What if God were only two out of three?  If He were only all-powerful and all-good, for example, but not all-knowing, he might have just missed the Holocaust.  The Universe is vast.  Or maybe the “Deists” are right, and God just lost interest after creating the Universe, and pretty much lets it run itself—sort of like if you had an uncle who won the lottery, but figured that you were pretty much on your own if you fell behind on your mortgage.  A far scarier prospect, to me anyway, is the possibility that God might exist, and be all-powerful and all-knowing, but just not all-good.  After all, we’re supposedly made in His image, and it really doesn’t look like there was a serious attempt to make us all-good.  Or maybe the Holocaust was a special case, sort of like the invasion of Iraq, in which the shot-caller’s judgment was warped by pique at the victims’ previous bad acts against a relative… or something like that.

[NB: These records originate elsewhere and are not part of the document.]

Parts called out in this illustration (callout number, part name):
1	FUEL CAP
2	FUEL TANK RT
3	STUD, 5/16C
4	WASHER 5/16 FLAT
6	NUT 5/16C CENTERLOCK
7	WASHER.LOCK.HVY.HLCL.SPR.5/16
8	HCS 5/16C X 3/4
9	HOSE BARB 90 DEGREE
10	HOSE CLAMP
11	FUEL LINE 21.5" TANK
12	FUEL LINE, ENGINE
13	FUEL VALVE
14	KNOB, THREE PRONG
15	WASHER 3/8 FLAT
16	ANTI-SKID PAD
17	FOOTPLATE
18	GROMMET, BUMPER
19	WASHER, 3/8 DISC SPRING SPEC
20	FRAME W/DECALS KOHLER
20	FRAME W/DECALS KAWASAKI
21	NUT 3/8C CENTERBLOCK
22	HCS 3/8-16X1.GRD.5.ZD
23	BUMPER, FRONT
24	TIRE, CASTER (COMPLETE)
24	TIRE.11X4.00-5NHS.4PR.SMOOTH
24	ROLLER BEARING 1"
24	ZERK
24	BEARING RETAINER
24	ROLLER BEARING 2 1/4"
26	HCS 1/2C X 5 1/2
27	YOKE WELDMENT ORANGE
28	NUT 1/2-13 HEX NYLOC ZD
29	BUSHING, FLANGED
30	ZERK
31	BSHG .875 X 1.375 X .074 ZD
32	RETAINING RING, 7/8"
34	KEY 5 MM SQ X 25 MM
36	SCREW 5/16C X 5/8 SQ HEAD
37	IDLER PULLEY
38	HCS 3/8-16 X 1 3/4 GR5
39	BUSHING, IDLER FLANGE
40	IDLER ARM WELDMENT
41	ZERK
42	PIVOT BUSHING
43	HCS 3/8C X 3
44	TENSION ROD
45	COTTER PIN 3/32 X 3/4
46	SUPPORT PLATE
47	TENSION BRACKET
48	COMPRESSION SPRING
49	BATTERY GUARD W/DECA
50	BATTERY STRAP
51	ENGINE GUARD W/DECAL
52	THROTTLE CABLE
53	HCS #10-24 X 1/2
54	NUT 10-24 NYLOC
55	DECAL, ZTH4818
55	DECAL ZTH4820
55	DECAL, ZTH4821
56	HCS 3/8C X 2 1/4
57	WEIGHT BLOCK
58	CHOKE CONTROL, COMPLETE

When we pray, to Whom, exactly, are we talking?  Is it to the Person in Charge, or simply to a lackey sitting in a celestial call-center?  Or an intern?  Or an apprentice?

Now, when I lie awake in the middle of the night and fret about all this stuff, I really tick off the lady of the house, who proudly boasts of her freedom from religious indoctrination and wants to know why in God’s name (well, she doesn’t say it like that, of course) I want to waste my time pondering the imponderable.  Heck, that’s like asking why I want to waste my time on James Bond or Star Trek… in other words, a good question.  But I guess there’s a part of me that wants to know, in the event I’m ever tempted to pray for anything, whether it would be more like I’m petitioning the White House or Santa Claus. Well, God and Santa are both magic, and either way, you might get an answer, but it might not be the one you’d like.  Still, from being a kid I remember that even if Santa didn’t bring me exactly what I wanted every time, he never gave me a real kick in the teeth like a World War, an auto accident, or a cancer diagnosis, either.  God, on the other hand, is always “waxing wroth” and smiting people… or so it says in His Own Book, anyway, and apparently, unlike Santa, or even the dentist, He never gives out toys.